Outteri agreed. "I definitely learned how to work as a group, and to get other people's opinions," she said, adding, "I learned how to better myself as a person, because they helped us go step-by-step."
Shaping the future
For Maimuna Mannan and her sister Mahisa Mannan, the agency and voice they found in the afterschool portion of the program was only the beginning.
"The things we ended up doing shaped me as the person I am now," Mahisa Mannan said.
Both sisters took advantage of the summer internship component of the Youth CAN program and said the experiences gave them huge advantages, both on their resumes but also in their personal growth. Maimuna Mannan, who had her sights set on a career in medicine, learned through her internship that healthcare wasn't for her. After graduating with a degree in political science from the University of Buffalo in 2024, she plans to attend law school.
Mahisa Mannan, who now works for a software company, interned for a business with ties to her current employer. "I like to think that I ended up landing my current job because they knew people I'd worked with before," she said.

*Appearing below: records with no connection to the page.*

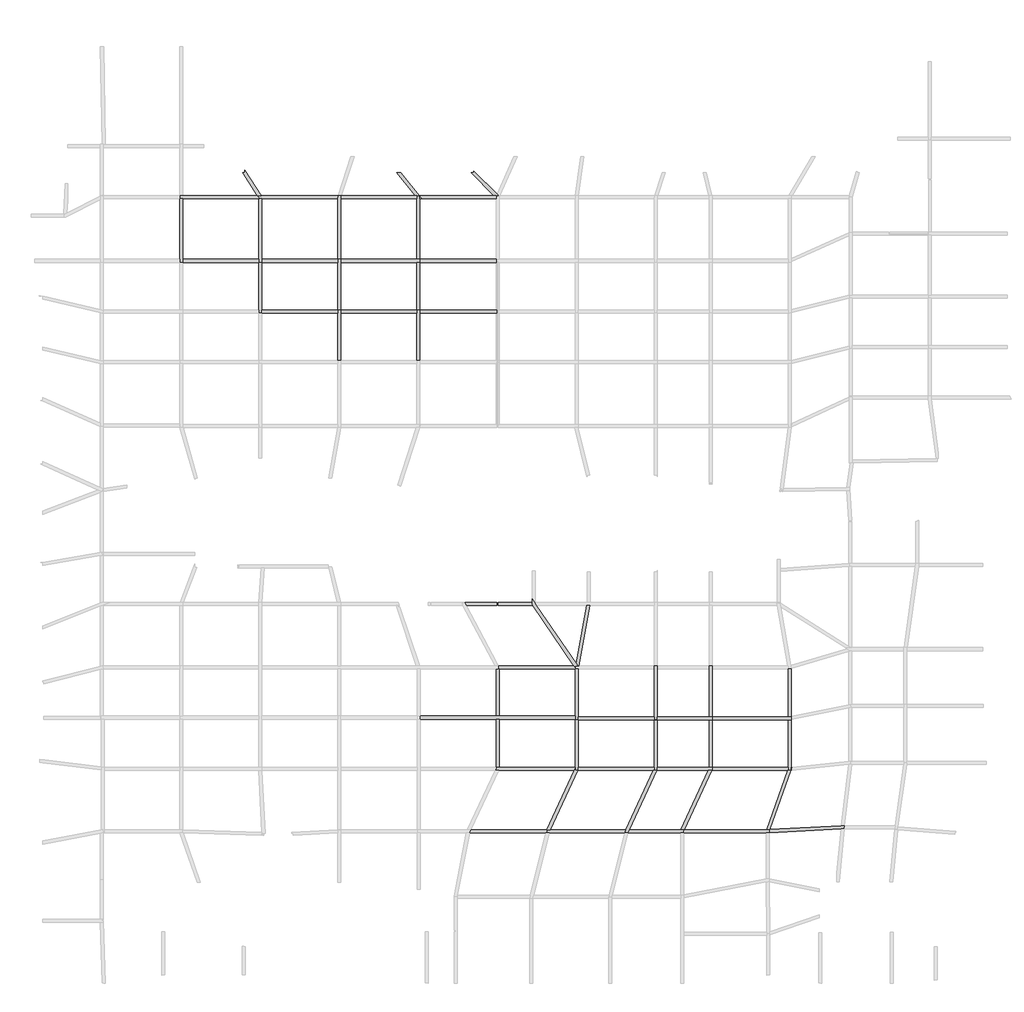
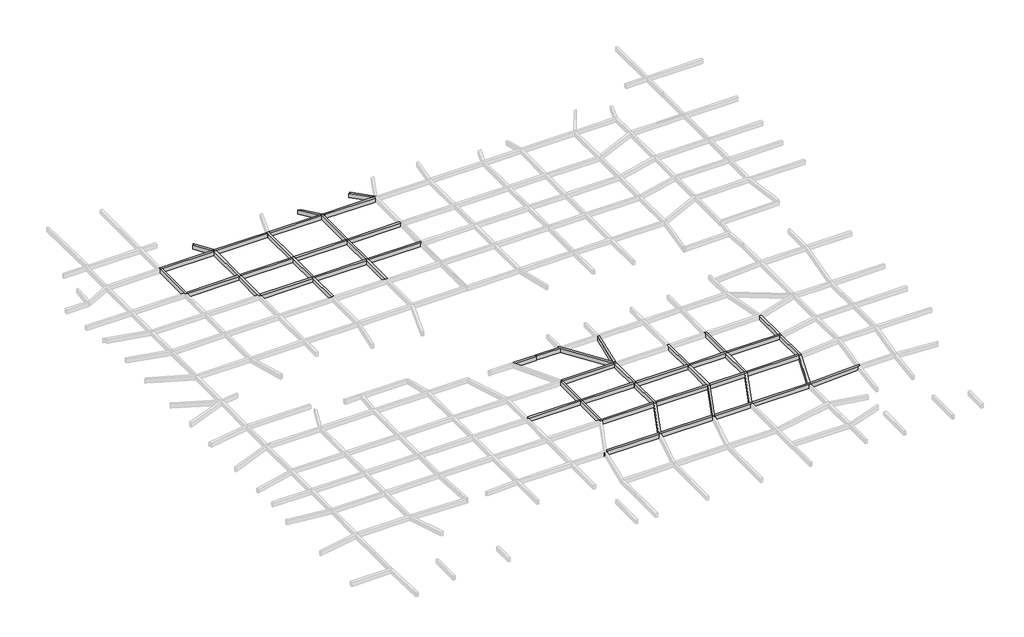
# One storey, part 9 of 15: 54 beams.
"""IFC4 building model written with IfcOpenShell, lengths in millimetres."""

from ifc_helpers import new_model, si_unit, frame, origin, place, context, project, spatial, polyline, outline, extrude, faceted_brep, element, save

model = new_model("IFC4")

# Units and contexts
model_context = context("Model", 3, world=origin())
ifc_project = project(units=[si_unit("LENGTHUNIT", "METRE", prefix="MILLI")], contexts=[model_context])

# Site, building, storey
site = spatial("IfcSite", under=ifc_project)
building = spatial("IfcBuilding", under=site)
storey = spatial("IfcBuildingStorey", under=building, Name="层高", Elevation=3300.0)

# Beams
placement = place(None, origin())
element("IfcBeam", 1, ObjectType="混凝土 - 矩形梁 : KL_beam", at=placement, inside=storey, context=model_context, shape_type="Brep", body=[
    faceted_brep([(208150.3009381, 75092.1684205, 3300.0), (208450.3009381, 75092.1684205, 3300.0), (208450.3009381, 75392.1684205, 3300.0), (208450.3009381, 80084.9176514, 3300.0), (208450.3009381, 80384.9176514, 3300.0), (208150.3009381, 80384.9176514, 3300.0), (208150.3009381, 80092.1684205, 3300.0), (208150.3009381, 75391.5531297, 3300.0), (208150.3009381, 75092.1684205, 2700.0), (208150.3009381, 80384.9176514, 2700.0), (208150.3009381, 80092.1684205, 2700.0), (208150.3009381, 75391.5531297, 2700.0), (208450.3009381, 75092.1684205, 2700.0), (208450.3009381, 80384.9176514, 2700.0), (208450.3009381, 80084.9176514, 2700.0), (208450.3009381, 75392.1684205, 2700.0)], [[[0, 1, 2, 3, 4, 5, 6, 7]], [[8, 0, 7, 6, 5, 9, 10, 11]], [[12, 8, 11, 10, 9, 13, 14, 15]], [[1, 12, 15, 14, 13, 4, 3, 2]], [[1, 0, 8, 12]], [[5, 4, 13, 9]]]),
])
element("IfcBeam", 2, ObjectType="混凝土 - 矩形梁 : KL_beam", at=placement, inside=storey, context=model_context, shape_type="Brep", body=[
    faceted_brep([(213850.3009381, 75092.1684205, 3300.0), (213850.3009381, 75392.1684205, 3300.0), (213550.3009381, 75392.1684205, 3300.0), (208450.3009381, 75392.1684205, 3300.0), (208450.3009381, 75092.1684205, 3300.0), (213549.7300619, 75092.1684205, 3300.0), (213849.7300619, 75092.1684205, 3300.0), (213850.3009381, 75092.1684205, 2700.0), (208450.3009381, 75092.1684205, 2700.0), (213549.7300619, 75092.1684205, 2700.0), (213849.7300619, 75092.1684205, 2700.0), (213850.3009381, 75392.1684205, 2700.0), (208450.3009381, 75392.1684205, 2700.0), (213550.3009381, 75392.1684205, 2700.0)], [[[0, 1, 2, 3, 4, 5, 6]], [[7, 0, 6, 5, 4, 8, 9, 10]], [[11, 7, 10, 9, 8, 12, 13]], [[1, 11, 13, 12, 3, 2]], [[4, 3, 12, 8]], [[1, 0, 7, 11]]]),
])
element("IfcBeam", 3, ObjectType="混凝土 - 矩形梁 : KL_beam", at=placement, inside=storey, context=model_context, shape_type="Brep", body=[
    faceted_brep([(213850.3009381, 80384.9176514, 3300.0), (213550.3009381, 80384.9176514, 3300.0), (213550.3009381, 80084.9176514, 3300.0), (213550.3009381, 75392.1684205, 3300.0), (213850.3009381, 75392.1684205, 3300.0), (213850.3009381, 80092.1684205, 3300.0), (213550.3009381, 80384.9176514, 2700.0), (213550.3009381, 80084.9176514, 2700.0), (213550.3009381, 75392.1684205, 2700.0), (213850.3009381, 80384.9176514, 2700.0), (213850.3009381, 80092.1684205, 2700.0), (213850.3009381, 75392.1684205, 2700.0)], [[[0, 1, 2, 3, 4, 5]], [[1, 6, 7, 8, 3, 2]], [[6, 9, 10, 11, 8, 7]], [[9, 0, 5, 4, 11, 10]], [[4, 3, 8, 11]], [[1, 0, 9, 6]]]),
])
element("IfcBeam", 4, ObjectType="混凝土 - 矩形梁 : KL_beam", at=placement, inside=storey, context=model_context, shape_type="Brep", body=[
    faceted_brep([(200361.325629, 75091.5531297, 3300.0), (200661.325629, 75091.5531297, 3300.0), (200661.325629, 75391.5531297, 3300.0), (200661.325629, 80092.1684205, 3300.0), (200361.325629, 80092.1684205, 3300.0), (200361.325629, 75445.2581831, 3300.0), (200361.325629, 75145.2581831, 3300.0), (200361.325629, 75091.5531297, 2700.0), (200361.325629, 80092.1684205, 2700.0), (200361.325629, 75445.2581831, 2700.0), (200361.325629, 75145.2581831, 2700.0), (200661.325629, 75091.5531297, 2700.0), (200661.325629, 80092.1684205, 2700.0), (200661.325629, 75391.5531297, 2700.0)], [[[0, 1, 2, 3, 4, 5, 6]], [[7, 0, 6, 5, 4, 8, 9, 10]], [[11, 7, 10, 9, 8, 12, 13]], [[1, 11, 13, 12, 3, 2]], [[4, 3, 12, 8]], [[1, 0, 7, 11]]]),
])
element("IfcBeam", 5, ObjectType="混凝土 - 矩形梁 : KL_beam", at=placement, inside=storey, context=model_context, shape_type="Brep", body=[
    faceted_brep([(208450.3009381, 75091.5531297, 3300.0), (208450.3009381, 75092.1684205, 3300.0), (208150.3009381, 75092.1684205, 3300.0), (208150.3009381, 75391.5531297, 3300.0), (200661.325629, 75391.5531297, 3300.0), (200661.325629, 75091.5531297, 3300.0), (208150.3009381, 75091.5531297, 3300.0), (208450.3009381, 75091.5531297, 2700.0), (200661.325629, 75091.5531297, 2700.0), (208150.3009381, 75091.5531297, 2700.0), (208450.3009381, 75092.1684205, 2700.0), (200661.325629, 75391.5531297, 2700.0), (208150.3009381, 75391.5531297, 2700.0), (208150.3009381, 75092.1684205, 2700.0)], [[[0, 1, 2, 3, 4, 5, 6]], [[7, 0, 6, 5, 8, 9]], [[10, 7, 9, 8, 11, 12, 13]], [[3, 12, 11, 4]], [[0, 7, 10, 1]], [[2, 13, 12, 3]], [[13, 2, 1, 10]], [[5, 4, 11, 8]]]),
])
element("IfcBeam", 6, ObjectType="混凝土 - 矩形梁 : KL_beam", at=placement, inside=storey, context=model_context, shape_type="Brep", body=[
    faceted_brep([(208150.3009381, 70090.9378389, 3300.0), (208395.8614772, 70090.9378389, 3300.0), (208450.3009381, 70090.9378389, 3300.0), (208450.3009381, 70390.9378389, 3300.0), (208450.3009381, 75091.5531297, 3300.0), (208150.3009381, 75091.5531297, 3300.0), (208150.3009381, 70390.9378389, 3300.0), (208450.3009381, 70090.9378389, 2700.0), (208450.3009381, 70390.9378389, 2700.0), (208450.3009381, 75091.5531297, 2700.0), (208395.8614772, 70090.9378389, 2700.0), (208150.3009381, 70090.9378389, 2700.0), (208150.3009381, 70390.9378389, 2700.0), (208150.3009381, 75091.5531297, 2700.0)], [[[0, 1, 2, 3, 4, 5, 6]], [[2, 7, 8, 9, 4, 3]], [[7, 10, 11, 12, 13, 9, 8]], [[11, 0, 6, 5, 13, 12]], [[5, 4, 9, 13]], [[2, 1, 0, 11, 10, 7]]]),
])
element("IfcBeam", 7, ObjectType="混凝土 - 矩形梁 : KL_beam", at=placement, inside=storey, context=model_context, shape_type="Brep", body=[
    faceted_brep([(200361.325629, 70090.9378389, 3300.0), (200607.1105063, 70090.9378389, 3300.0), (200661.325629, 70090.9378389, 3300.0), (200661.325629, 70390.9378389, 3300.0), (200661.325629, 75091.5531297, 3300.0), (200361.325629, 75091.5531297, 3300.0), (200361.325629, 70390.9378389, 3300.0), (200361.325629, 70274.0247745, 3300.0), (200361.325629, 70090.9378389, 2700.0), (200361.325629, 75091.5531297, 2700.0), (200361.325629, 70390.9378389, 2700.0), (200361.325629, 70274.0247745, 2700.0), (200661.325629, 70090.9378389, 2700.0), (200607.1105063, 70090.9378389, 2700.0), (200661.325629, 75091.5531297, 2700.0), (200661.325629, 70390.9378389, 2700.0)], [[[0, 1, 2, 3, 4, 5, 6, 7]], [[8, 0, 7, 6, 5, 9, 10, 11]], [[12, 13, 8, 11, 10, 9, 14, 15]], [[2, 12, 15, 14, 4, 3]], [[5, 4, 14, 9]], [[2, 1, 0, 8, 13, 12]]]),
])
element("IfcBeam", 8, ObjectType="混凝土 - 矩形梁 : KL_beam", at=placement, inside=storey, context=model_context, shape_type="Brep", body=[
    faceted_brep([(208150.3009381, 70090.9378389, 3300.0), (208150.3009381, 70390.9378389, 3300.0), (200661.325629, 70390.9378389, 3300.0), (200661.325629, 70090.9378389, 3300.0), (208064.8481015, 70090.9378389, 3300.0), (208150.3009381, 70090.9378389, 2700.0), (200661.325629, 70090.9378389, 2700.0), (208064.8481015, 70090.9378389, 2700.0), (208150.3009381, 70390.9378389, 2700.0), (200661.325629, 70390.9378389, 2700.0)], [[[0, 1, 2, 3, 4]], [[5, 0, 4, 3, 6, 7]], [[8, 5, 7, 6, 9]], [[1, 8, 9, 2]], [[1, 0, 5, 8]], [[3, 2, 9, 6]]]),
])
element("IfcBeam", 9, ObjectType="混凝土 - 矩形梁 : KL_beam", at=placement, inside=storey, context=model_context, shape_type="Brep", body=[
    faceted_brep([(208450.3009381, 70390.9378389, 2700.0), (208450.3009381, 70390.9378389, 3300.0), (213549.7300619, 70390.9378389, 3300.0), (213849.7300619, 70390.9378389, 3300.0), (213849.7300619, 70390.9378389, 2700.0), (213549.7300619, 70390.9378389, 2700.0), (208450.3009381, 70090.9378389, 3300.0), (208450.3009381, 70090.9378389, 2700.0), (213849.7300619, 70092.1684205, 3300.0), (213849.7300619, 70090.9378389, 3300.0), (213849.7300619, 70090.9378389, 2700.0), (213849.7300619, 70092.1684205, 2700.0), (213464.2379642, 70090.9378389, 3300.0), (213794.9360409, 70090.9378389, 3300.0), (213464.2379642, 70090.9378389, 2700.0), (213794.9360409, 70090.9378389, 2700.0)], [[[0, 1, 2, 3, 4, 5]], [[6, 1, 0, 7]], [[3, 8, 9, 10, 11, 4]], [[1, 6, 12, 13, 9, 8, 3, 2]], [[6, 7, 14, 15, 10, 9, 13, 12]], [[7, 0, 5, 4, 11, 10, 15, 14]]]),
])
element("IfcBeam", 10, ObjectType="混凝土 - 矩形梁 : KL_beam", at=placement, inside=storey, context=model_context, shape_type="Brep", body=[
    faceted_brep([(213849.7300619, 75092.1684205, 3300.0), (213549.7300619, 75092.1684205, 3300.0), (213549.7300619, 70390.9378389, 3300.0), (213849.7300619, 70390.9378389, 3300.0), (213849.7300619, 70392.1684205, 3300.0), (213849.7300619, 75092.1684205, 2700.0), (213849.7300619, 70390.9378389, 2700.0), (213849.7300619, 70392.1684205, 2700.0), (213549.7300619, 75092.1684205, 2700.0), (213549.7300619, 70390.9378389, 2700.0)], [[[0, 1, 2, 3, 4]], [[5, 0, 4, 3, 6, 7]], [[8, 5, 7, 6, 9]], [[1, 8, 9, 2]], [[1, 0, 5, 8]], [[3, 2, 9, 6]]]),
])
element("IfcBeam", 11, ObjectType="混凝土 - 矩形梁 : KL_beam", at=placement, inside=storey, context=model_context, shape_type="Brep", body=[
    faceted_brep([(221650.3009384, 75092.1684205, 3300.0), (221650.3009384, 75119.2786858, 3300.0), (221650.3009384, 75392.1684205, 3300.0), (221485.3991695, 75392.1684205, 3300.0), (221350.3009384, 75392.1684205, 3300.0), (213850.3009381, 75392.1684205, 3300.0), (213850.3009381, 75092.1684205, 3300.0), (221350.3009384, 75092.1684205, 3300.0), (221650.3009384, 75092.1684205, 2700.0), (213850.3009381, 75092.1684205, 2700.0), (221350.3009384, 75092.1684205, 2700.0), (221650.3009384, 75392.1684205, 2700.0), (221650.3009384, 75119.2786858, 2700.0), (213850.3009381, 75392.1684205, 2700.0), (221350.3009384, 75392.1684205, 2700.0), (221485.3991695, 75392.1684205, 2700.0)], [[[0, 1, 2, 3, 4, 5, 6, 7]], [[8, 0, 7, 6, 9, 10]], [[11, 12, 8, 10, 9, 13, 14, 15]], [[2, 11, 15, 14, 13, 5, 4, 3]], [[6, 5, 13, 9]], [[2, 1, 0, 8, 12, 11]]]),
])
element("IfcBeam", 12, ObjectType="混凝土 - 矩形梁 : KL_beam", at=placement, inside=storey, context=model_context, shape_type="Brep", body=[
    faceted_brep([(221350.3009384, 70092.1684205, 3300.0), (221606.4676056, 70092.1684205, 3300.0), (221650.3009384, 70092.1684205, 3300.0), (221650.3009384, 70106.4638205, 3300.0), (221650.3009384, 70216.5015374, 3300.0), (221650.3009384, 70407.9697272, 3300.0), (221650.3009384, 75092.1684205, 3300.0), (221350.3009384, 75092.1684205, 3300.0), (221350.3009384, 70392.1684205, 3300.0), (221350.3009384, 70092.1684205, 2700.0), (221350.3009384, 75092.1684205, 2700.0), (221350.3009384, 70392.1684205, 2700.0), (221650.3009384, 70092.1684205, 2700.0), (221606.4676056, 70092.1684205, 2700.0), (221650.3009384, 75092.1684205, 2700.0), (221650.3009384, 70407.9697272, 2700.0), (221650.3009384, 70216.5015374, 2700.0), (221650.3009384, 70106.4638205, 2700.0)], [[[0, 1, 2, 3, 4, 5, 6, 7, 8]], [[9, 0, 8, 7, 10, 11]], [[12, 13, 9, 11, 10, 14, 15, 16, 17]], [[2, 12, 17, 16, 15, 14, 6, 5, 4, 3]], [[7, 6, 14, 10]], [[2, 1, 0, 9, 13, 12]]]),
])
element("IfcBeam", 13, ObjectType="混凝土 - 矩形梁 : KL_beam", at=placement, inside=storey, context=model_context, shape_type="Brep", body=[
    faceted_brep([(213849.7300619, 70392.1684205, 3300.0), (213849.7300619, 70390.9378389, 3300.0), (213849.7300619, 70092.1684205, 3300.0), (221288.3700133, 70092.1684205, 3300.0), (221350.3009384, 70092.1684205, 3300.0), (221350.3009384, 70392.1684205, 3300.0), (213849.7300619, 70392.1684205, 2700.0), (221350.3009384, 70392.1684205, 2700.0), (213849.7300619, 70092.1684205, 2700.0), (213849.7300619, 70390.9378389, 2700.0), (221350.3009384, 70092.1684205, 2700.0), (221288.3700133, 70092.1684205, 2700.0)], [[[0, 1, 2, 3, 4, 5]], [[6, 0, 5, 7]], [[8, 9, 6, 7, 10, 11]], [[2, 8, 11, 10, 4, 3]], [[8, 2, 1, 0, 6, 9]], [[5, 4, 10, 7]]]),
])
element("IfcBeam", 14, ObjectType="混凝土 - 矩形梁 : KL_beam", at=placement, inside=storey, context=model_context, shape_type="Brep", body=[
    faceted_brep([(205522.0572974, 63928.0448871, 3300.0), (205661.9495948, 64228.0448871, 3300.0), (208395.8614772, 70090.9378389, 3300.0), (208150.3009381, 70090.9378389, 3300.0), (208064.8481015, 70090.9378389, 3300.0), (205337.522131, 64242.1684205, 3300.0), (205250.1649613, 64054.8303656, 3300.0), (205491.7692821, 63942.1684205, 3300.0), (208064.8481015, 70090.9378389, 2700.0), (205337.522131, 64242.1684205, 2700.0), (205250.1649613, 64054.8303656, 2700.0), (208395.8614772, 70090.9378389, 2700.0), (205661.9495948, 64228.0448871, 2700.0), (205522.0572974, 63928.0448871, 2700.0), (205491.7692821, 63942.1684205, 2700.0), (208150.3009381, 70090.9378389, 2700.0)], [[[0, 1, 2, 3, 4, 5, 6, 7]], [[6, 5, 4, 8, 9, 10]], [[11, 12, 13, 14, 10, 9, 8, 15]], [[2, 1, 0, 13, 12, 11]], [[2, 11, 15, 8, 4, 3]], [[0, 7, 6, 10, 14, 13]]]),
])
element("IfcBeam", 15, ObjectType="混凝土 - 矩形梁 : KL_beam", at=placement, inside=storey, context=model_context, shape_type="Brep", body=[
    faceted_brep([(210936.491926, 63928.0448871, 3300.0), (210945.3598239, 63947.1643462, 3300.0), (211075.6365195, 64228.0448871, 3300.0), (210744.9384428, 64228.0448871, 3300.0), (205661.9495948, 64228.0448871, 3300.0), (205522.0572974, 63928.0448871, 3300.0), (205546.7541217, 63928.0448871, 3300.0), (210741.9011747, 63928.0448871, 3300.0), (210936.491926, 63928.0448871, 2700.0), (205522.0572974, 63928.0448871, 2700.0), (205546.7541217, 63928.0448871, 2700.0), (210741.9011747, 63928.0448871, 2700.0), (211075.6365195, 64228.0448871, 2700.0), (210945.3598239, 63947.1643462, 2700.0), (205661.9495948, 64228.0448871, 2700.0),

But the Mannan sisters said the main advantage of their experiences with CCE Erie has been engaging with broader swaths of the community.
"The internships gave you experience of how the workplace works, how you interact with people, how you present your ideas to people when they might not agree with you," Mahisa Mannan said. "It was a really important skill to learn when I was that young."
For Maimuna Mannan, presenting her group's work at Capital Days, a three-day statewide 4-H event in Albany, New York, was transformative. She remembers it vividly because it was her first time being away from family overnight, and she was fasting for Ramadan.
"But then I got to see the Capital, and we talked to a senator about our projects and presented about the importance of mental health," she said. "That was so special to me, because here I am, just a little high school student talking to everyone in the room, being that leader."
While in college, the Mannan sisters both worked for CCE Erie during the summers, sharing the 4-H programming with students of all ages and mentoring teens in internships coordinated by Youth CAN - work they describe as inspiring and a way of giving back what they received.
"We all worked in a collaborative space and mindset and walked out better speakers, better writers, better thinkers," Maimuna Mannan said. "As an educator, being with these students, having fun, having conversations, just seeing it all intertwined - it's changed how I view the world."